Verified March 2010 by Institut National de la Santé Et de la Recherche Médicale, France.
Recruitment status was  Recruiting
Sponsor:
Collaborators:
ZonMw: The Netherlands Organisation for Health Research and Development
Cliniques universitaires Saint-Luc- Université Catholique de Louvain
Charite University, Berlin, Germany
Information provided by (Responsible Party):
Institut National de la Santé Et de la Recherche Médicale, France
ClinicalTrials.gov Identifier:
NCT00445575
First received: March 8, 2007
Last updated: December 29, 2011
Last verified: March 2010
  Purpose

This trial is intended to test the efficacy of an oral bisphosphonate (risedronate) to decrease bone pain and improve radiological aspect in fibrous dysplasia of bone.
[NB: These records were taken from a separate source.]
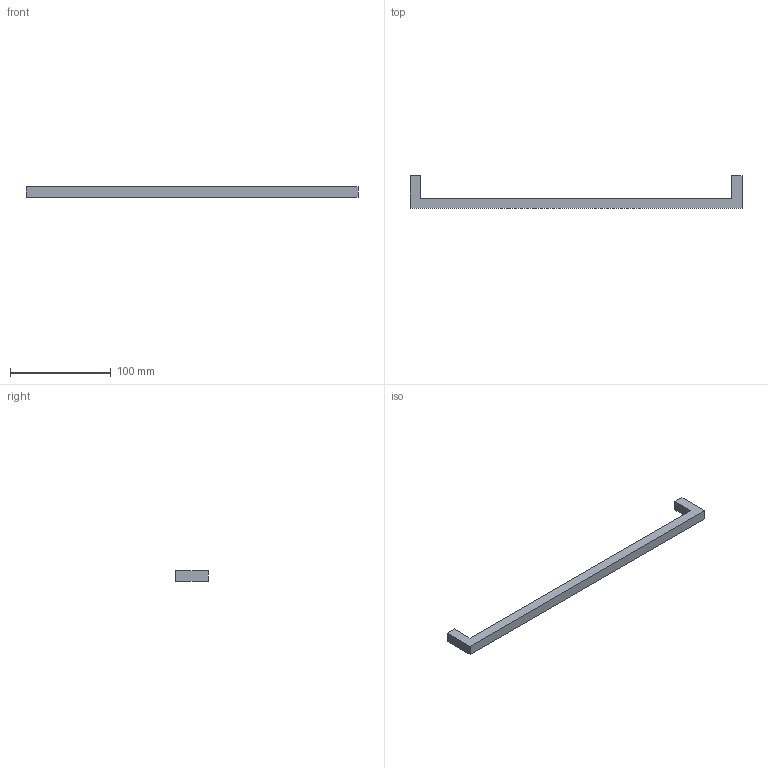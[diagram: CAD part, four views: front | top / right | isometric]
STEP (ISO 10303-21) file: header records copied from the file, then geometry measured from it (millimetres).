
FILE_DESCRIPTION( ( 'STEP AP214' ), '1' );
FILE_NAME( 'C:/Users/kulkarni/Desktop/Apurva/2015/Prodecor_2016/Cadfiles/same as files/Anzio/9204177.stp', ' ', ( ' ' ), ( ' ' ), 'PSStep 15.0.47', 'PARTsolutions', ' ' );
FILE_SCHEMA( ( 'AUTOMOTIVE_DESIGN { 1 0 10303 214 1 1 1 1 }' ) );
Length unit declared in the file: millimetre
Products named in the file (1): _9204177
Bounding box: 330 x 32 x 10 mm (x, y, z)
Volume: 37148.7 mm3; surface area: 15411.3 mm2
Topology: 1 solids, 1 shells, 14 faces, 30 edges, 20 vertices
Faces by surface type: plane 12, cylinder 2
Full cylindrical faces by diameter (mm): 4 x2
Entity records: 496 total; most frequent: CARTESIAN_POINT 63, DIRECTION 62, ORIENTED_EDGE 56, EDGE_CURVE 28, LINE 24, VECTOR 24, VERTEX_POINT 20, AXIS2_PLACEMENT_3D 19
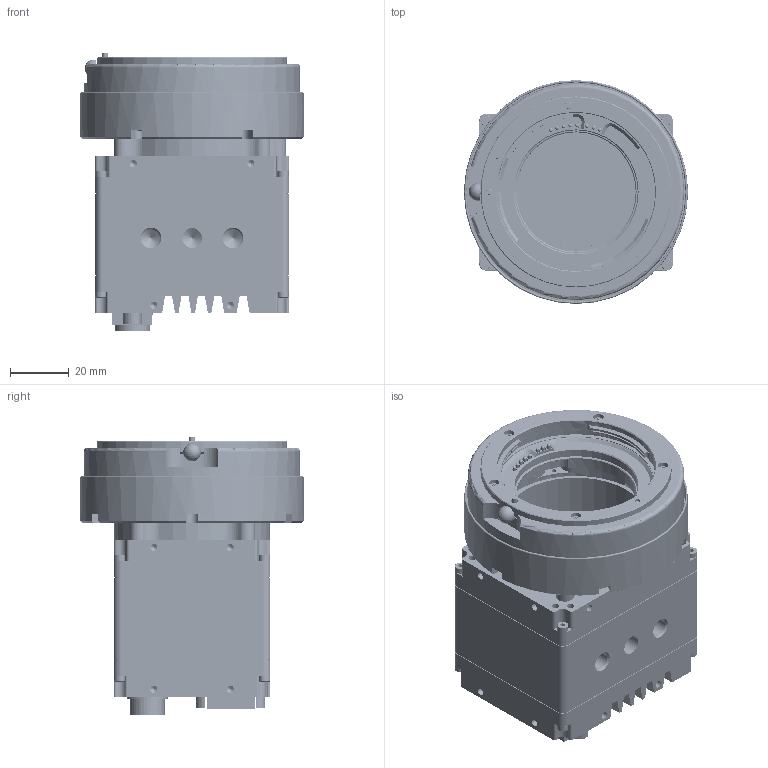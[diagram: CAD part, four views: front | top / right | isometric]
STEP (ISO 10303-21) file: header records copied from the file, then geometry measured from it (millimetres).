
FILE_DESCRIPTION (( 'STEP AP203' ), '1' );
FILE_NAME ('GT LF IMX EF-MOUNT MONO CAMERA.STEP', '2019-11-08T15:25:15', ( '' ), ( '' ), 'SwSTEP 2.0', 'SolidWorks 2018', '' );
FILE_SCHEMA (( 'CONFIG_CONTROL_DESIGN' ));
Products named in the file (1): GT LF IMX EF-MOUNT MONO CAMERA
Bounding box: 76.2 x 76.2 x 94.74 mm (x, y, z)
Volume: 140127.2 mm3; surface area: 119266.9 mm2
Topology: 400 solids, 400 shells, 26776 faces, 66859 edges, 43975 vertices
Faces by surface type: plane 18651, cylinder 5847, torus 1050, bspline 656, cone 390, sphere 182
Entity records: 825898 total; most frequent: CARTESIAN_POINT 179841, ORIENTED_EDGE 132814, DIRECTION 131313, EDGE_CURVE 66407, VECTOR 49783, LINE 49783, VERTEX_POINT 43805, AXIS2_PLACEMENT_3D 40765
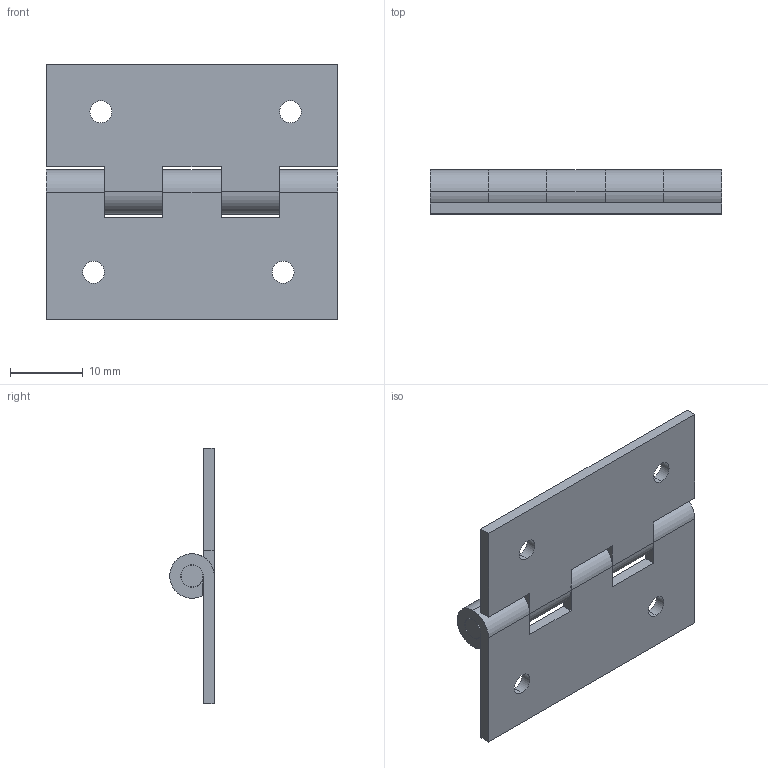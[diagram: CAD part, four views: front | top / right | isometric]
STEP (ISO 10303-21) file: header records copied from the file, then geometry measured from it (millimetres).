
FILE_DESCRIPTION (( 'STEP AP203' ), '1' );
FILE_NAME ('B18-18781.STEP', '2024-10-24T09:16:54', ( '' ), ( '' ), 'SwSTEP 2.0', 'SolidWorks 2021', '' );
FILE_SCHEMA (( 'CONFIG_CONTROL_DESIGN' ));
Length unit declared in the file: millimetre
Products named in the file (4): B18-107811-2; B18-107811-1; B18-3-40; B18-18781
Assembly tree (3 placements, depth 2):
  B18-18781
    B18-3-40
    B18-107811-1
    B18-107811-2
Bounding box: 40 x 6.1 x 35 mm (x, y, z)
Volume: 2877.9 mm3; surface area: 4506 mm2
Topology: 3 solids, 3 shells, 70 faces, 192 edges, 128 vertices
Faces by surface type: cylinder 40, plane 30
Entity records: 2686 total; most frequent: DIRECTION 424, CARTESIAN_POINT 396, ORIENTED_EDGE 384, EDGE_CURVE 192, AXIS2_PLACEMENT_3D 156, VERTEX_POINT 128, LINE 112, VECTOR 112
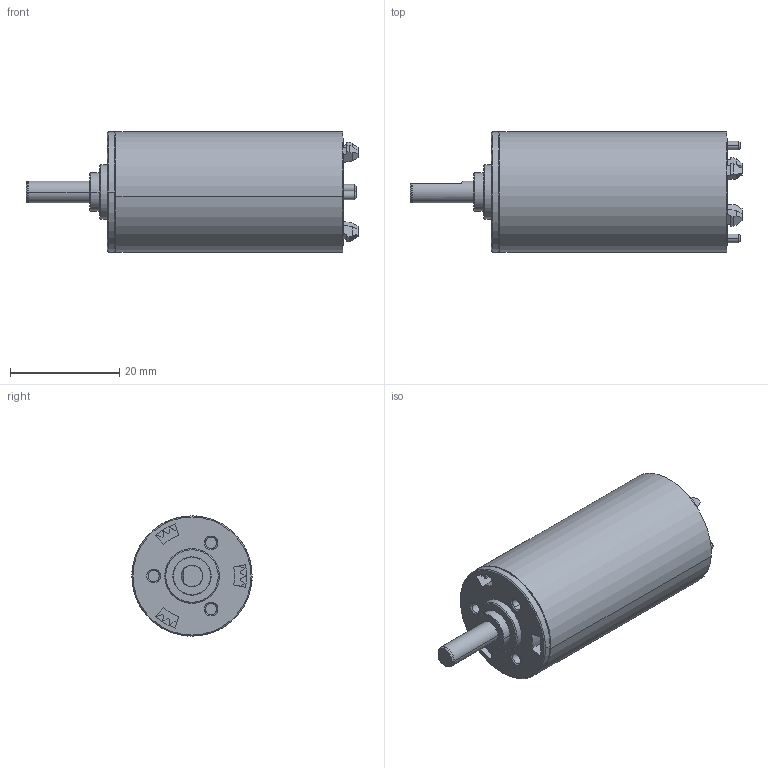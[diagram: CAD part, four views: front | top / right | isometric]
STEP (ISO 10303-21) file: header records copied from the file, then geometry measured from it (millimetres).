
FILE_DESCRIPTION((''),'2;1');
FILE_NAME('GP22L','2016-10-04T',('mmagvisi'),(''),'CREO PARAMETRIC BY PTC INC, 2016050','CREO PARAMETRIC BY PTC INC, 2016050','');
FILE_SCHEMA(('CONFIG_CONTROL_DESIGN'));
Length unit declared in the file: millimetre
Products named in the file (1): GP22L
Bounding box: 60.7 x 22 x 22 mm (x, y, z)
Volume: 16199.5 mm3; surface area: 5060.1 mm2
Topology: 1 solids, 34 shells, 645 faces, 1643 edges, 1082 vertices
Faces by surface type: plane 247, bspline 176, cylinder 136, cone 85, torus 1
Entity records: 27133 total; most frequent: CARTESIAN_POINT 7566, ORIENTED_EDGE 3286, DIRECTION 2532, PRESENTATION_STYLE_ASSIGNMENT 1644, STYLED_ITEM 1644, CURVE_STYLE 1643, EDGE_CURVE 1643, VERTEX_POINT 1082

Condition Intervention Phase
Fibrous Dysplasia of Bone
Drug: risedronate
Drug: placebo
Phase 2
Phase 3

Study Type: Interventional
Study Design: Allocation: Randomized
Endpoint Classification: Efficacy Study
Intervention Model: Parallel Assignment
Masking: Double Blind (Subject, Caregiver, Investigator, Outcomes Assessor)
Primary Purpose: Treatment
Official Title: Effect of Risedronate on Bone Morbidity in Fibrous Dysplasia of Bone

Resource links provided by NLM:


Further study details as provided by Institut National de la Santé Et de la Recherche Médicale, France:

Primary Outcome Measures:
  • Intensity of bone pain, assessed by visual analogical scale ranging from 0 to 10, on the most painful site. [ Time Frame: one year ] [ Designated as safety issue: No ]
  • Surface of osteolytic lesions at three years. Radiological improvement. [ Time Frame: Three years ] [ Designated as safety issue: No ]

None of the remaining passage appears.